Squid fishing typically occurs at night with bright lights to entice squid to rise to the surface, which fishing lures then snag. The study's calculations of squid-fishing efforts involved the use of satellite tracking with visible infrared imaging radiometer suite (VIIRS) data able to detect the bright lights used by squid-jiggers. Automatic information system (AIS) tracking data then overlaid the VIIRS data, tracking vessel movements to study fishing activity.
The research, completed in partnership with the Global Fishing Watch, the University of California Santa Cruz, the Australian National Centre for Ocean Resources and Security at the University of Wollongong, and the Japan Fisheries Research and Education Agency, found that while technically legal, unregulated squid fishing poses a possibly major threat to environmental and social welfare. Primary among those is the overexploitation of global squid resources.

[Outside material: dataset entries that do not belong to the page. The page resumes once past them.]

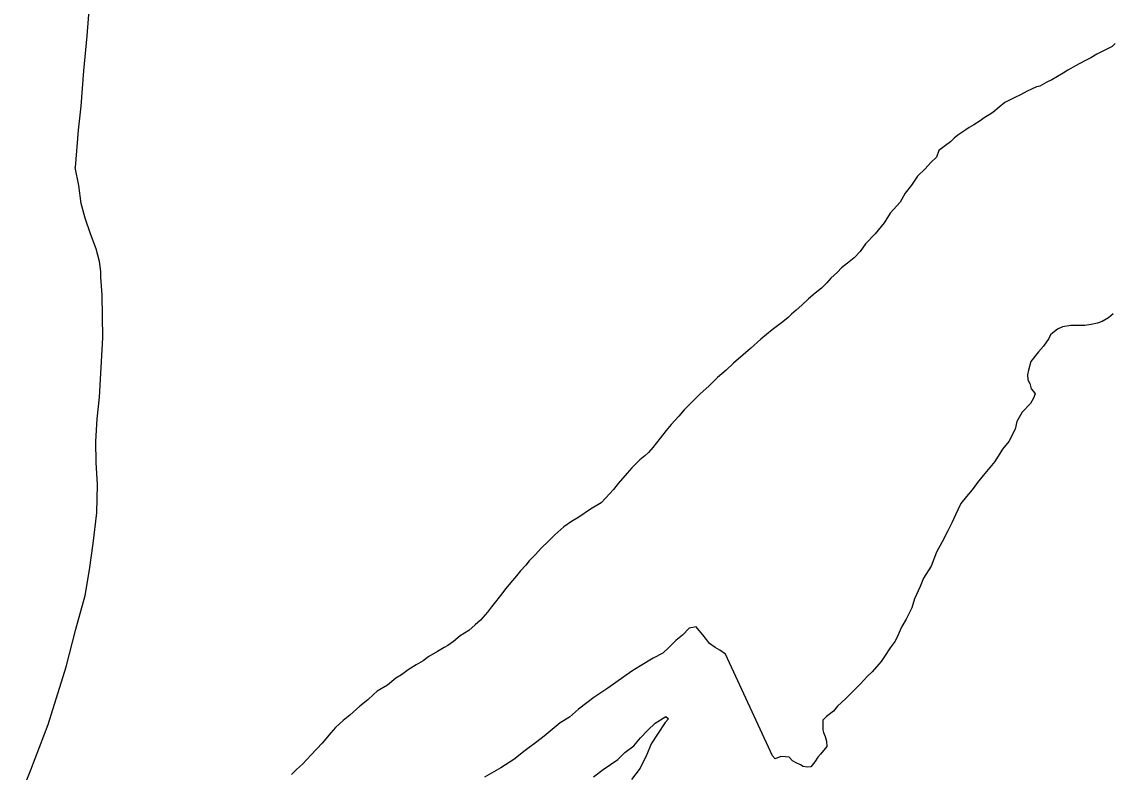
# Model space of a CAD drawing. Extents: x 1370567 to 1373900, y 377514 to 379648.
# Drawn here: x 1371117.09 to 1371145.37, y 379458.77 to 379478.22 of the extents above; entities that cross this region are included whole.
import ezdxf

# ---------------------------------------------------------------- set-up
doc = ezdxf.new("R2010")
doc.units = 0
doc.layers.add('Default', color=7, linetype='Continuous')

msp = doc.modelspace()

# ---------------------------------------------------------------- linework, layer by layer
at = {"layer": 'Default'}
for points in [[(1371118.829, 379478.628), (1371118.774, 379477.857), (1371118.69, 379476.957), (1371118.617, 379476.036), (1371118.551, 379475.416), (1371118.468, 379474.445)], [(1371118.829, 379478.628), (1371118.774, 379477.857), (1371118.69, 379476.957), (1371118.617, 379476.036), (1371118.551, 379475.416), (1371118.468, 379474.445)], [(1371145.425, 379477.659), (1371145.346, 379477.588), (1371144.948, 379477.385), (1371144.789, 379477.294), (1371144.64, 379477.213), (1371144.392, 379477.082), (1371144.272, 379477.011), (1371144.193, 379476.97), (1371144.074, 379476.889), (1371143.786, 379476.717), (1371143.656, 379476.657), (1371143.468, 379476.555), (1371143.388, 379476.535), (1371143.259, 379476.474), (1371143.139, 379476.423), (1371142.97, 379476.332), (1371142.821, 379476.261), (1371142.702, 379476.2), (1371142.563, 379476.129), (1371142.414, 379476.008), (1371142.255, 379475.877), (1371142.156, 379475.816), (1371142.027, 379475.735), (1371141.928, 379475.655), (1371141.759, 379475.554), (1371141.64, 379475.483)], [(1371145.425, 379477.659), (1371145.346, 379477.588), (1371144.948, 379477.385), (1371144.789, 379477.294), (1371144.64, 379477.213), (1371144.392, 379477.082), (1371144.272, 379477.011), (1371144.193, 379476.97), (1371144.074, 379476.889), (1371143.786, 379476.717), (1371143.656, 379476.657), (1371143.468, 379476.555), (1371143.388, 379476.535), (1371143.259, 379476.474), (1371143.139, 379476.423), (1371142.97, 379476.332), (1371142.821, 379476.261), (1371142.702, 379476.2), (1371142.563, 379476.129), (1371142.414, 379476.008), (1371142.255, 379475.877), (1371142.156, 379475.816), (1371142.027, 379475.735), (1371141.928, 379475.655), (1371141.759, 379475.554), (1371141.64, 379475.483)], [(1371141.64, 379475.483), (1371141.55, 379475.422), (1371141.421, 379475.341), (1371141.342, 379475.281), (1371141.252, 379475.21), (1371141.153, 379475.109), (1371141.024, 379475.019), (1371140.856, 379474.887), (1371140.797, 379474.714)], [(1371141.64, 379475.483), (1371141.55, 379475.422), (1371141.421, 379475.341), (1371141.342, 379475.281), (1371141.252, 379475.21), (1371141.153, 379475.109), (1371141.024, 379475.019), (1371140.856, 379474.887), (1371140.797, 379474.714)], [(1371140.797, 379474.714), (1371140.646, 379474.575), (1371140.495, 379474.416), (1371140.303, 379474.218), (1371140.141, 379473.99), (1371139.98, 379473.781), (1371139.848, 379473.552), (1371139.595, 379473.264), (1371139.433, 379473.016), (1371139.201, 379472.728), (1371138.949, 379472.47), (1371138.818, 379472.271), (1371138.656, 379472.102), (1371138.485, 379471.964), (1371138.334, 379471.845), (1371138.224, 379471.736), (1371138.052, 379471.578), (1371137.952, 379471.459), (1371137.81, 379471.32), (1371137.65, 379471.191), (1371137.478, 379471.043), (1371137.307, 379470.874), (1371137.156, 379470.746), (1371137.036, 379470.647), (1371136.945, 379470.558), (1371136.814, 379470.449), (1371136.533, 379470.241), (1371136.241, 379469.994), (1371135.969, 379469.756), (1371135.778, 379469.588), (1371135.536, 379469.37), (1371135.345, 379469.192), (1371135.113, 379469.004), (1371134.902, 379468.786), (1371134.66, 379468.568), (1371134.459, 379468.369), (1371134.257, 379468.161), (1371134.116, 379468.002), (1371133.914, 379467.784), (1371133.783, 379467.625), (1371133.631, 379467.427), (1371133.439, 379467.188), (1371133.328, 379467.059), (1371133.238, 379466.97), (1371133.107, 379466.871), (1371132.996, 379466.752), (1371132.895, 379466.663), (1371132.774, 379466.524), (1371132.542, 379466.256), (1371132.421, 379466.097), (1371132.33, 379465.998), (1371132.098, 379465.75), (1371131.827, 379465.592), (1371131.526, 379465.385), (1371131.335, 379465.267), (1371131.134, 379465.129), (1371130.903, 379464.921), (1371130.731, 379464.752), (1371130.56, 379464.584), (1371130.389, 379464.405), (1371130.238, 379464.247), (1371130.147, 379464.137), (1371130.015, 379463.988), (1371129.904, 379463.859), (1371129.753, 379463.681), (1371129.632, 379463.532), (1371129.49, 379463.353), (1371129.329, 379463.144), (1371129.258, 379463.055), (1371129.157, 379462.916), (1371128.975, 379462.708), (1371128.835, 379462.589), (1371128.673, 379462.44), (1371128.452, 379462.302), (1371128.271, 379462.154), (1371128.131, 379462.055), (1371128.03, 379462.006), (1371127.86, 379461.897), (1371127.639, 379461.769), (1371127.488, 379461.661), (1371127.307, 379461.552), (1371127.097, 379461.424), (1371126.926, 379461.296), (1371126.785, 379461.207), (1371126.564, 379461.029), (1371126.293, 379460.871), (1371126.202, 379460.782), (1371126.051, 379460.644), (1371125.85, 379460.485), (1371125.588, 379460.248), (1371125.417, 379460.109), (1371125.216, 379459.931), (1371125.095, 379459.792), (1371124.873, 379459.524), (1371124.59, 379459.216), (1371124.358, 379458.978), (1371124.207, 379458.84), (1371124.076, 379458.711)], [(1371140.797, 379474.714), (1371140.646, 379474.575), (1371140.495, 379474.416), (1371140.303, 379474.218), (1371140.141, 379473.99), (1371139.98, 379473.781), (1371139.848, 379473.552), (1371139.595, 379473.264), (1371139.433, 379473.016), (1371139.201, 379472.728), (1371138.949, 379472.47), (1371138.818, 379472.271), (1371138.656, 379472.102), (1371138.485, 379471.964), (1371138.334, 379471.845), (1371138.224, 379471.736), (1371138.052, 379471.578), (1371137.952, 379471.459), (1371137.81, 379471.32), (1371137.65, 379471.191), (1371137.478, 379471.043), (1371137.307, 379470.874), (1371137.156, 379470.746), (1371137.036, 379470.647), (1371136.945, 379470.558), (1371136.814, 379470.449), (1371136.533, 379470.241), (1371136.241, 379469.994), (1371135.969, 379469.756), (1371135.778, 379469.588), (1371135.536, 379469.37), (1371135.345, 379469.192), (1371135.113, 379469.004), (1371134.902, 379468.786), (1371134.66, 379468.568), (1371134.459, 379468.369), (1371134.257, 379468.161), (1371134.116, 379468.002), (1371133.914, 379467.784), (1371133.783, 379467.625), (1371133.631, 379467.427), (1371133.439, 379467.188), (1371133.328, 379467.059), (1371133.238, 379466.97), (1371133.107, 379466.871), (1371132.996, 379466.752), (1371132.895, 379466.663), (1371132.774, 379466.524), (1371132.542, 379466.256), (1371132.421, 379466.097), (1371132.33, 379465.998), (1371132.098, 379465.75), (1371131.827, 379465.592), (1371131.526, 379465.385), (1371131.335, 379465.267), (1371131.134, 379465.129), (1371130.903, 379464.921), (1371130.731, 379464.752), (1371130.56, 379464.584), (1371130.389, 379464.405), (1371130.238, 379464.247), (1371130.147, 379464.137), (1371130.015, 379463.988), (1371129.904, 379463.859), (1371129.753, 379463.681), (1371129.632, 379463.532), (1371129.49, 379463.353), (1371129.329, 379463.144), (1371129.258, 379463.055), (1371129.157, 379462.916), (1371128.975, 379462.708), (1371128.835, 379462.589), (1371128.673, 379462.44), (1371128.452, 379462.302), (1371128.271, 379462.154), (1371128.131, 379462.055), (1371128.03, 379462.006), (1371127.86, 379461.897), (1371127.639, 379461.769), (1371127.488, 379461.661), (1371127.307, 379461.552), (1371127.097, 379461.424), (1371126.926, 379461.296), (1371126.785, 379461.207), (1371126.564, 379461.029), (1371126.293, 379460.871), (1371126.202, 379460.782), (1371126.051, 379460.644), (1371125.85, 379460.485), (1371125.588, 379460.248), (1371125.417, 379460.109), (1371125.216, 379459.931), (1371125.095, 379459.792), (1371124.873, 379459.524), (1371124.59, 379459.216), (1371124.358, 379458.978), (1371124.207, 379458.84), (1371124.076, 379458.711)], [(1371117.088, 379458.245), (1371117.324, 379458.827), (1371117.767, 379460.01), (1371118.237, 379461.503), (1371118.491, 379462.475), (1371118.726, 379463.347), (1371118.842, 379464.018), (1371118.937, 379464.699), (1371119.033, 379465.49), (1371119.048, 379466.23), (1371119.015, 379466.8), (1371119.002, 379467.34), (1371119.038, 379467.931), (1371119.105, 379468.491), (1371119.185, 379470.032), (1371119.169, 379471.142), (1371119.136, 379471.602), (1371119.135, 379471.752), (1371119.104, 379472.012), (1371119.012, 379472.342), (1371118.87, 379472.731), (1371118.727, 379473.13), (1371118.625, 379473.51), (1371118.563, 379473.98), (1371118.468, 379474.445)], [(1371117.088, 379458.245), (1371117.324, 379458.827), (1371117.767, 379460.01), (1371118.237, 379461.503), (1371118.491, 379462.475), (1371118.726, 379463.347), (1371118.842, 379464.018), (1371118.937, 379464.699), (1371119.033, 379465.49), (1371119.048, 379466.23), (1371119.015, 379466.8), (1371119.002, 379467.34), (1371119.038, 379467.931), (1371119.105, 379468.491), (1371119.185, 379470.032), (1371119.169, 379471.142), (1371119.136, 379471.602), (1371119.135, 379471.752), (1371119.104, 379472.012), (1371119.012, 379472.342), (1371118.87, 379472.731), (1371118.727, 379473.13), (1371118.625, 379473.51), (1371118.563, 379473.98), (1371118.468, 379474.445)], [(1371145.373, 379470.65), (1371145.252, 379470.551), (1371145.082, 379470.453), (1371144.961, 379470.414), (1371144.801, 379470.375), (1371144.641, 379470.347), (1371144.511, 379470.348), (1371144.392, 379470.349), (1371144.272, 379470.35), (1371144.062, 379470.312), (1371143.932, 379470.253), (1371143.811, 379470.164), (1371143.75, 379470.105), (1371143.7, 379470.015), (1371143.568, 379469.816), (1371143.437, 379469.668), (1371143.235, 379469.419), (1371143.173, 379469.19), (1371143.152, 379469.07), (1371143.161, 379468.94), (1371143.21, 379468.849), (1371143.248, 379468.709), (1371143.308, 379468.638), (1371143.347, 379468.578), (1371143.306, 379468.468), (1371143.225, 379468.329), (1371143.013, 379468.101), (1371142.871, 379467.862), (1371142.83, 379467.662), (1371142.667, 379467.344), (1371142.505, 379467.145), (1371142.303, 379466.827), (1371142, 379466.459), (1371141.858, 379466.281), (1371141.717, 379466.092), (1371141.566, 379465.913), (1371141.424, 379465.734), (1371141.282, 379465.446), (1371141.2, 379465.256), (1371141.088, 379465.027), (1371140.936, 379464.739), (1371140.794, 379464.47), (1371140.651, 379464.111), (1371140.458, 379463.803), (1371140.366, 379463.583), (1371140.223, 379463.264), (1371140.151, 379463.035), (1371140.009, 379462.736), (1371139.897, 379462.547), (1371139.847, 379462.448), (1371139.796, 379462.328), (1371139.724, 379462.169), (1371139.593, 379461.99), (1371139.441, 379461.771), (1371139.36, 379461.642), (1371139.239, 379461.503), (1371139.128, 379461.374), (1371139.007, 379461.255), (1371138.815, 379461.056), (1371138.634, 379460.868), (1371138.443, 379460.68), (1371138.231, 379460.482), (1371138.12, 379460.353)], [(1371145.373, 379470.65), (1371145.252, 379470.551), (1371145.082, 379470.453), (1371144.961, 379470.414), (1371144.801, 379470.375), (1371144.641, 379470.347), (1371144.511, 379470.348), (1371144.392, 379470.349), (1371144.272, 379470.35), (1371144.062, 379470.312), (1371143.932, 379470.253), (1371143.811, 379470.164), (1371143.75, 379470.105), (1371143.7, 379470.015), (1371143.568, 379469.816), (1371143.437, 379469.668), (1371143.235, 379469.419), (1371143.173, 379469.19), (1371143.152, 379469.07), (1371143.161, 379468.94), (1371143.21, 379468.849), (1371143.248, 379468.709), (1371143.308, 379468.638), (1371143.347, 379468.578), (1371143.306, 379468.468), (1371143.225, 379468.329), (1371143.013, 379468.101), (1371142.871, 379467.862), (1371142.83, 379467.662), (1371142.667, 379467.344), (1371142.505, 379467.145), (1371142.303, 379466.827), (1371142, 379466.459), (1371141.858, 379466.281), (1371141.717, 379466.092), (1371141.566, 379465.913), (1371141.424, 379465.734), (1371141.282, 379465.446), (1371141.2, 379465.256), (1371141.088, 379465.027), (1371140.936, 379464.739), (1371140.794, 379464.47), (1371140.651, 379464.111), (1371140.458, 379463.803), (1371140.366, 379463.583), (1371140.223, 379463.264), (1371140.151, 379463.035), (1371140.009, 379462.736), (1371139.897, 379462.547), (1371139.847, 379462.448), (1371139.796, 379462.328), (1371139.724, 379462.169), (1371139.593, 379461.99), (1371139.441, 379461.771), (1371139.36, 379461.642), (1371139.239, 379461.503), (1371139.128, 379461.374), (1371139.007, 379461.255), (1371138.815, 379461.056), (1371138.634, 379460.868), (1371138.443, 379460.68), (1371138.231, 379460.482), (1371138.12, 379460.353)], [(1371138.12, 379460.353), (1371137.939, 379460.214), (1371137.848, 379460.115), (1371137.847, 379459.985), (1371137.846, 379459.865), (1371137.865, 379459.795), (1371137.904, 379459.694), (1371137.943, 379459.574), (1371137.952, 379459.434), (1371137.79, 379459.235), (1371137.72, 379459.156), (1371137.639, 379459.036), (1371137.538, 379458.907), (1371137.448, 379458.898), (1371137.338, 379458.919), (1371137.269, 379458.96), (1371137.159, 379459.011), (1371137.06, 379459.062), (1371136.971, 379459.163), (1371136.871, 379459.164), (1371136.761, 379459.175), (1371136.611, 379459.116), (1371136.542, 379459.197), (1371135.328, 379461.829), (1371135.179, 379461.93), (1371135.06, 379462.001), (1371134.911, 379462.103), (1371134.832, 379462.214), (1371134.733, 379462.334), (1371134.644, 379462.445), (1371134.565, 379462.536), (1371134.385, 379462.508), (1371134.214, 379462.319), (1371134.033, 379462.181), (1371133.852, 379462.002), (1371133.7, 379461.854), (1371133.45, 379461.726), (1371133.118, 379461.529), (1371132.897, 379461.391), (1371132.274, 379460.947), (1371131.913, 379460.71), (1371131.511, 379460.403), (1371131.279, 379460.195), (1371131.038, 379460.047), (1371130.626, 379459.701), (1371130.434, 379459.553), (1371130.133, 379459.336), (1371129.841, 379459.098), (1371129.5, 379458.881), (1371129.078, 379458.645)], [(1371138.12, 379460.353), (1371137.939, 379460.214), (1371137.848, 379460.115), (1371137.847, 379459.985), (1371137.846, 379459.865), (1371137.865, 379459.795), (1371137.904, 379459.694), (1371137.943, 379459.574), (1371137.952, 379459.434), (1371137.79, 379459.235), (1371137.72, 379459.156), (1371137.639, 379459.036), (1371137.538, 379458.907), (1371137.448, 379458.898), (1371137.338, 379458.919), (1371137.269, 379458.96), (1371137.159, 379459.011), (1371137.06, 379459.062), (1371136.971, 379459.163), (1371136.871, 379459.164), (1371136.761, 379459.175), (1371136.611, 379459.116), (1371136.542, 379459.197), (1371135.328, 379461.829), (1371135.179, 379461.93), (1371135.06, 379462.001), (1371134.911, 379462.103), (1371134.832, 379462.214), (1371134.733, 379462.334), (1371134.644, 379462.445), (1371134.565, 379462.536), (1371134.385, 379462.508), (1371134.214, 379462.319), (1371134.033, 379462.181), (1371133.852, 379462.002), (1371133.7, 379461.854), (1371133.45, 379461.726), (1371133.118, 379461.529), (1371132.897, 379461.391), (1371132.274, 379460.947), (1371131.913, 379460.71), (1371131.511, 379460.403), (1371131.279, 379460.195), (1371131.038, 379460.047), (1371130.626, 379459.701), (1371130.434, 379459.553), (1371130.133, 379459.336), (1371129.841, 379459.098), (1371129.5, 379458.881), (1371129.078, 379458.645)], [(1371131.904, 379458.649), (1371132.155, 379458.837), (1371132.537, 379459.103), (1371132.719, 379459.282), (1371132.95, 379459.45), (1371133.121, 379459.658), (1371133.313, 379459.857), (1371133.504, 379460.045), (1371133.775, 379460.212), (1371133.845, 379460.152), (1371133.764, 379460.062), (1371133.4, 379459.506), (1371133.287, 379459.227), (1371133.114, 379458.878), (1371132.892, 379458.58)], [(1371131.904, 379458.649), (1371132.155, 379458.837), (1371132.537, 379459.103), (1371132.719, 379459.282), (1371132.95, 379459.45), (1371133.121, 379459.658), (1371133.313, 379459.857), (1371133.504, 379460.045), (1371133.775, 379460.212), (1371133.845, 379460.152), (1371133.764, 379460.062), (1371133.4, 379459.506), (1371133.287, 379459.227), (1371133.114, 379458.878), (1371132.892, 379458.58)]]:
    msp.add_lwpolyline(points, dxfattribs=at)

doc.saveas('drawing.dxf')

“We highlight that there is global and regional evidence that squid populations are declining, including in the southwest Atlantic Ocean off Argentina, the Pacific Ocean around the Galapagos Islands, and the northwest Indian Ocean, outside the waters of Oman and Yemen,” Miller said.
Squid-fishing vessels are highly mobile, traveling to multiple regions of open ocean every year. Transshipment is also a common occurrence, a process that allows squid-fishing vessels to stay at sea from three months to one year at a time. As a result, vessels often employ questionable human rights and labor practices such as 20-hour workdays, physical abuse, and other concerning actions, as well as near-constant fishing and underreporting of catch due to a lack of regulatory oversight.
According to Miller, unregulated fishing zones are often directly adjacent to regulated spaces, such as economic exclusive zones. The movement of marine species over these boundaries can lead to competition between small artisanal fishing vessels and industrial-sized vessels.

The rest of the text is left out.